MIT Joins in Charles Cleanup
MIT, along with several other area universities and businesses, is working with the U.S. Environmental Protection Agency to clean up the Charles River by 2005.
The goal of the Clean Charles 2005 Coalition is to make the river fit for swimming, fishing and boating by Earth Day 2005. The EPA began its efforts towards a cleaner Charles in 1995.
John P. DeVillars, the New England administrator for the EPA, said, “When we set out in 1995 to make the Charles fishable and swimmable by 2005, frankly there were a lot of doubting Thomases.”
MIT, other institutions join effort
According to Paul Parravano, co-director of the President’s Office of Government and Community Relations, MIT has been involved with the Charles River Watershed Association “for several years.”
“The EPA has recently become interested in getting involved with colleges and universities. This particular project is important to the EPA and its regional administrator,” Parravano said.
According to Parravano, MIT was invited to a meeting in January by the EPA. This meeting was the beginning of the Clean Charles 2005 Coalition. Harvard University, Polaroid and Genzyme, all members of the Coalition, were also present.
The Coalition plans to recruit 100 businesses and institutions over the next 18 months. They hope to organize their efforts such that each member is responsible for a segment of the river and its banks.
William Walsh-Rogalski, who is in charge of the river cleanup for the EPA, said that private institutions’ eagerness to be involved in the cleanup project is a natural “ownership response.”
Parravano said that MIT’s involvement in the cleanup made sense because MIT owns so much property along the Charles River.
MIT will provide the cleanup effort with a boat that will make regular cleanup patrols to pick up floating rubbish.

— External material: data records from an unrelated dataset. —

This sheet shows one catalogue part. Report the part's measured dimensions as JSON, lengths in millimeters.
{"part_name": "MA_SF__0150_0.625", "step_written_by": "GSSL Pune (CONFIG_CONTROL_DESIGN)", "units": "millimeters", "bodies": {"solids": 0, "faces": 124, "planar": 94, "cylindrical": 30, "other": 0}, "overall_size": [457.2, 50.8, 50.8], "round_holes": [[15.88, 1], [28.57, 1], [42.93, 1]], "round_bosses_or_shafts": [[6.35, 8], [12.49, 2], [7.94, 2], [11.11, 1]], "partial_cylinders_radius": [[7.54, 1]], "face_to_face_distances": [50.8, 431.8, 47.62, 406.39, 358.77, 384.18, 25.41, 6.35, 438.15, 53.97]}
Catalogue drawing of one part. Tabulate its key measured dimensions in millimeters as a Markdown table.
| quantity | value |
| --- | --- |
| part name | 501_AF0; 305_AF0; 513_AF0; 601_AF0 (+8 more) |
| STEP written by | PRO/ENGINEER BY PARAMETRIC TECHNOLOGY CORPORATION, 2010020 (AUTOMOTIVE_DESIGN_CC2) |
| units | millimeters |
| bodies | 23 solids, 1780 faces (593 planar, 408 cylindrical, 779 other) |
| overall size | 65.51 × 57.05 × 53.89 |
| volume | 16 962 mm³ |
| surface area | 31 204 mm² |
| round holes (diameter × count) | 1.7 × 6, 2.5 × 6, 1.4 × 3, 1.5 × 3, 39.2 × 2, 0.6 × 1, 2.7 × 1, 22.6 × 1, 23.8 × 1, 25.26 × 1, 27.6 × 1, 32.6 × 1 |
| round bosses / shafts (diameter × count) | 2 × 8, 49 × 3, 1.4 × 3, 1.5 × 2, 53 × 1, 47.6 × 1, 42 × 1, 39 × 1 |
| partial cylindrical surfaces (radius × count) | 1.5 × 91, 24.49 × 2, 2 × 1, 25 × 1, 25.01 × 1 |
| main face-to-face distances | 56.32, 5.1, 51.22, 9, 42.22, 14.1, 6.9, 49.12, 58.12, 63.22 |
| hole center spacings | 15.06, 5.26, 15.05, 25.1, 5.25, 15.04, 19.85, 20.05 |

Student crews from MIT, Boston University, Northeastern and Harvard will staff the boat.
MIT will also subsidize a graduate student to work on the campaign. In addition, MIT will sponsor and host a competition which will encourage engineers and other experts to create solutions for problems on the river.
MIT was given an extensive audit last year by the EPA. Parravano said the point of this audit was to let MIT know in which areas it could improve its compliance with environmental regulations. The EPA could also fine MIT for any violations they found. The results of the audit are not yet available.
According to a faculty memorandum by Professor J. David Lister, Chair of the Institute Council on Environmental Health and Safety, the penalty for non-compliance with EPA regulations could be substantial. The EPA can fine up to $25,000 per violation per day. The memorandum also said that in the future environmental compliance may play a role in obtaining government grants for research.
EPA’s Efforts Paying Off
DeVillars announced at a press conference earlier this year that the Charles River’s water quality had improved to a B- rating this year. The river was given a C last year, and a D in 1995 when the grading began.
The river was clean enough for boating 83 percent of the time and safe enough for swimming 51 percent of the time last year. This is an increase from 70 percent and 34 percent respectively the year before.
DeVillars cited a reduction in combined sewer overflow pipes and illegal sewage dumping as reasons for the increase in water quality over the past four years.